> _What the exercise asks_
Whenever "origin" appears in a line, please copy that line from the data.

> _Available data_
+ + + + +

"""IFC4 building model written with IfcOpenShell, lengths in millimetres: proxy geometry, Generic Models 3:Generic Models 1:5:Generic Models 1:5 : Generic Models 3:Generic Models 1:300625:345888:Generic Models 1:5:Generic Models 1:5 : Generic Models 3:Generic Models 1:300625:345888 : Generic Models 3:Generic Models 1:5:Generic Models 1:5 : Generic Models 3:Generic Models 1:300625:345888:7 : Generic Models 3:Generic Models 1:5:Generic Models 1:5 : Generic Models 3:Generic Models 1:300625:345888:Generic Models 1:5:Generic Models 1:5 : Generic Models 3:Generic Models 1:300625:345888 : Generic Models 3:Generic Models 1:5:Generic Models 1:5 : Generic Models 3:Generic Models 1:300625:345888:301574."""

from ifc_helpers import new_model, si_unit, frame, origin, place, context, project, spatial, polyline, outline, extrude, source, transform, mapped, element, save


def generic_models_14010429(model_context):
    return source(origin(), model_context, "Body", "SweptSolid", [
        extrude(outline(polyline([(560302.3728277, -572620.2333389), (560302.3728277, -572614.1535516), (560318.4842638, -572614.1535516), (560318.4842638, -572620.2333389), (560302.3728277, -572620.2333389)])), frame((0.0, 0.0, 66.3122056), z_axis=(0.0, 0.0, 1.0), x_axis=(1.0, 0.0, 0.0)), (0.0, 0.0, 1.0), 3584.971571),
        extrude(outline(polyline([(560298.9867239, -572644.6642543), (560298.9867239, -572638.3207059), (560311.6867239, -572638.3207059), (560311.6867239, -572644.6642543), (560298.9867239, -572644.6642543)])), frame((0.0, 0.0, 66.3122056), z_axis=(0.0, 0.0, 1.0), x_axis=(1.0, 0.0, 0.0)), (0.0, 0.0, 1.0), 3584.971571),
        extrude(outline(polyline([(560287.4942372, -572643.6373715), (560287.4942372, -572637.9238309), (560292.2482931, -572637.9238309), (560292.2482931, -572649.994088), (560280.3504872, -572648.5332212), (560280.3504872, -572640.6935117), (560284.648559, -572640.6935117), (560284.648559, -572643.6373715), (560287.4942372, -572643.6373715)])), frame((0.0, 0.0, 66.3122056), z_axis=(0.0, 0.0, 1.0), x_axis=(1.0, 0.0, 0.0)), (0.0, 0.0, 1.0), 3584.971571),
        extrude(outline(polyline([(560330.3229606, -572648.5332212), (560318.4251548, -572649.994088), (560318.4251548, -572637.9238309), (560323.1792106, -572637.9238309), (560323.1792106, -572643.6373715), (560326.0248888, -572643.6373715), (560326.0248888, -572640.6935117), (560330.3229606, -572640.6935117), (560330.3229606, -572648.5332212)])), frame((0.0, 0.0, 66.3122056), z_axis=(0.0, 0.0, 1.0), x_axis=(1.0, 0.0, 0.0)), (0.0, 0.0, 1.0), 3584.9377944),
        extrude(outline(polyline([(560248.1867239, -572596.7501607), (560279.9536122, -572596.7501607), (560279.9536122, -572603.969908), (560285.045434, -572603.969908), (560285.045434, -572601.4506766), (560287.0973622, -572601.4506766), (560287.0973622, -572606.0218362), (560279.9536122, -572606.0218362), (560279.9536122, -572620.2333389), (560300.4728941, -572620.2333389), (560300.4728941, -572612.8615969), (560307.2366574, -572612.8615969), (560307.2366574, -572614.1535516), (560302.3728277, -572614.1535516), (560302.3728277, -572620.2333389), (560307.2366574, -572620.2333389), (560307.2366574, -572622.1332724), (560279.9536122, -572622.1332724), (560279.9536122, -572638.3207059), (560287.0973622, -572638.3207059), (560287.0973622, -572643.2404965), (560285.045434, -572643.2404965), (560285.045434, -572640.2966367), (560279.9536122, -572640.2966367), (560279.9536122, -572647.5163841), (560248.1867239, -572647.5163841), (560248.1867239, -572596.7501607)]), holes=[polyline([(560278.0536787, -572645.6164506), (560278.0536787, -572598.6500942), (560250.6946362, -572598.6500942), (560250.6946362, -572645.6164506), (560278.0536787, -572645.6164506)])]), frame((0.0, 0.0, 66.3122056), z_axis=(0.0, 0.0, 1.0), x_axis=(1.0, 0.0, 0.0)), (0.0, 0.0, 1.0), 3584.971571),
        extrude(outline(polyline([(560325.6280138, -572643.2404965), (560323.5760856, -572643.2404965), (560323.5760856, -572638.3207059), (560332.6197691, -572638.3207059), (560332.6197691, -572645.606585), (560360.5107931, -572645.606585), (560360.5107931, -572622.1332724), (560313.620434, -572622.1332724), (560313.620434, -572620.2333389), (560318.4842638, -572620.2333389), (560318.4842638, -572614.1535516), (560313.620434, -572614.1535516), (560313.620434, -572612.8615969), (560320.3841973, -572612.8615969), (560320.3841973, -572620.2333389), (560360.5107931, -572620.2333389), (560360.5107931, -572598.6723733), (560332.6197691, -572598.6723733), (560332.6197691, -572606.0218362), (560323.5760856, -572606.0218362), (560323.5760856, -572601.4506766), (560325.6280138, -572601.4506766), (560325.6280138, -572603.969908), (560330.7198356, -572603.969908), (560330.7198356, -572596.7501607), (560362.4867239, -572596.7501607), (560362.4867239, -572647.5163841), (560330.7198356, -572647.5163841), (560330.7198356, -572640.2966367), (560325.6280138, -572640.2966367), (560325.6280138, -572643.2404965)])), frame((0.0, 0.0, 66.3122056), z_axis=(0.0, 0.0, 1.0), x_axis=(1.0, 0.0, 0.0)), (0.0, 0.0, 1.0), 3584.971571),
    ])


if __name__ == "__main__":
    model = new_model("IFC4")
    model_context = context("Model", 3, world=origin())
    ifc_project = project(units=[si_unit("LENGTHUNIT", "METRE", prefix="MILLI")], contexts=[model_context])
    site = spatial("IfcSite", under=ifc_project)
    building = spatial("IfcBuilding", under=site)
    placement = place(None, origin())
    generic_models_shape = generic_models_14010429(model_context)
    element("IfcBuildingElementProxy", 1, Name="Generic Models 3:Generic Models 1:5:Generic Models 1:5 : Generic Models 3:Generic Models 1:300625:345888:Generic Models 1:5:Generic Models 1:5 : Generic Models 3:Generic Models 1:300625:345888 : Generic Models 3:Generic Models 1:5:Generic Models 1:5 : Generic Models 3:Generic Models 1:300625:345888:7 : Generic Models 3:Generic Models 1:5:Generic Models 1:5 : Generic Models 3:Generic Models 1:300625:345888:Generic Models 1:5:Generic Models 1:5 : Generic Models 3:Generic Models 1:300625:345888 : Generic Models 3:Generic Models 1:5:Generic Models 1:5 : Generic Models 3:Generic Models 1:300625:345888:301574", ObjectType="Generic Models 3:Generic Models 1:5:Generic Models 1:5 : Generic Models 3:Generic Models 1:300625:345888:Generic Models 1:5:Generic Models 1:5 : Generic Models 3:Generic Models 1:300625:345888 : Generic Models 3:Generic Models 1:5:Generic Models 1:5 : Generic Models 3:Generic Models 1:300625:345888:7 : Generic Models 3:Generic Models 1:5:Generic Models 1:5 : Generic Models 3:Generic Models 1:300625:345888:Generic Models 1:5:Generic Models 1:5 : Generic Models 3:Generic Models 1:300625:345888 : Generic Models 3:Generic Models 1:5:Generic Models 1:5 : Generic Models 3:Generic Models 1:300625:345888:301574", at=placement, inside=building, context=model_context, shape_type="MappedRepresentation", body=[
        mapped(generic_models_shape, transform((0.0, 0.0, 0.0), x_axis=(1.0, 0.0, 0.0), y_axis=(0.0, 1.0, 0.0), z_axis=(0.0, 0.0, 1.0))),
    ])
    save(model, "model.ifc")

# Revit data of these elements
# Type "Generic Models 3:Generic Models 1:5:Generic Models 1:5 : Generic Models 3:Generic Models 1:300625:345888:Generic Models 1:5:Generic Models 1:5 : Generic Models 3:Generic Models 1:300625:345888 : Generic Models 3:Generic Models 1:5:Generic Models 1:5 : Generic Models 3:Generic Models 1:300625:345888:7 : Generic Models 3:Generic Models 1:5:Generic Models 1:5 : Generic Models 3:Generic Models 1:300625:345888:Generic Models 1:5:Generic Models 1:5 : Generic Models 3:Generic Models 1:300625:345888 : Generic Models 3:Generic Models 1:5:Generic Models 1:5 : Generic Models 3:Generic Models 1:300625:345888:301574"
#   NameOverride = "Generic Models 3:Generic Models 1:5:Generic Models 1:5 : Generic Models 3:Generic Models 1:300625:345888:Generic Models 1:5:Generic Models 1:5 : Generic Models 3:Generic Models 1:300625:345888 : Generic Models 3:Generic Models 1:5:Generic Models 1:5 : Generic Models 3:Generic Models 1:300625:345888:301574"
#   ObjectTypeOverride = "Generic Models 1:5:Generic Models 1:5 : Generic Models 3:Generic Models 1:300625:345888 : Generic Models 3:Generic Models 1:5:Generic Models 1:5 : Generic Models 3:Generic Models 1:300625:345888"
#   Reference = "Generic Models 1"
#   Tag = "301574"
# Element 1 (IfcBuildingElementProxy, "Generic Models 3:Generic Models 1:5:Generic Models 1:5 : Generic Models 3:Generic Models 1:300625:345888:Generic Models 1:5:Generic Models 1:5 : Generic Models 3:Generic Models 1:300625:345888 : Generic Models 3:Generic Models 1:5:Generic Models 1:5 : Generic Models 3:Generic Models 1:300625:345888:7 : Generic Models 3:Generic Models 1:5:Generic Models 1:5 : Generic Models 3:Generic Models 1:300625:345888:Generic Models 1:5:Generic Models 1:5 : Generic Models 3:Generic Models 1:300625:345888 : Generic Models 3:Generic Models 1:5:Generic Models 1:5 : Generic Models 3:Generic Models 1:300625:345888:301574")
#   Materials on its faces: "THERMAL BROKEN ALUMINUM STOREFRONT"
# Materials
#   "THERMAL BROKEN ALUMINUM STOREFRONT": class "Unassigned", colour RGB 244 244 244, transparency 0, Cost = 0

+ + + + +

> _Your solution_
from ifc_helpers import new_model, si_unit, frame, origin, place, context, project, spatial, polyline, outline, extrude, source, transform, mapped, element, save
    return source(origin(), model_context, "Body", "SweptSolid", [
    model_context = context("Model", 3, world=origin())
    placement = place(None, origin())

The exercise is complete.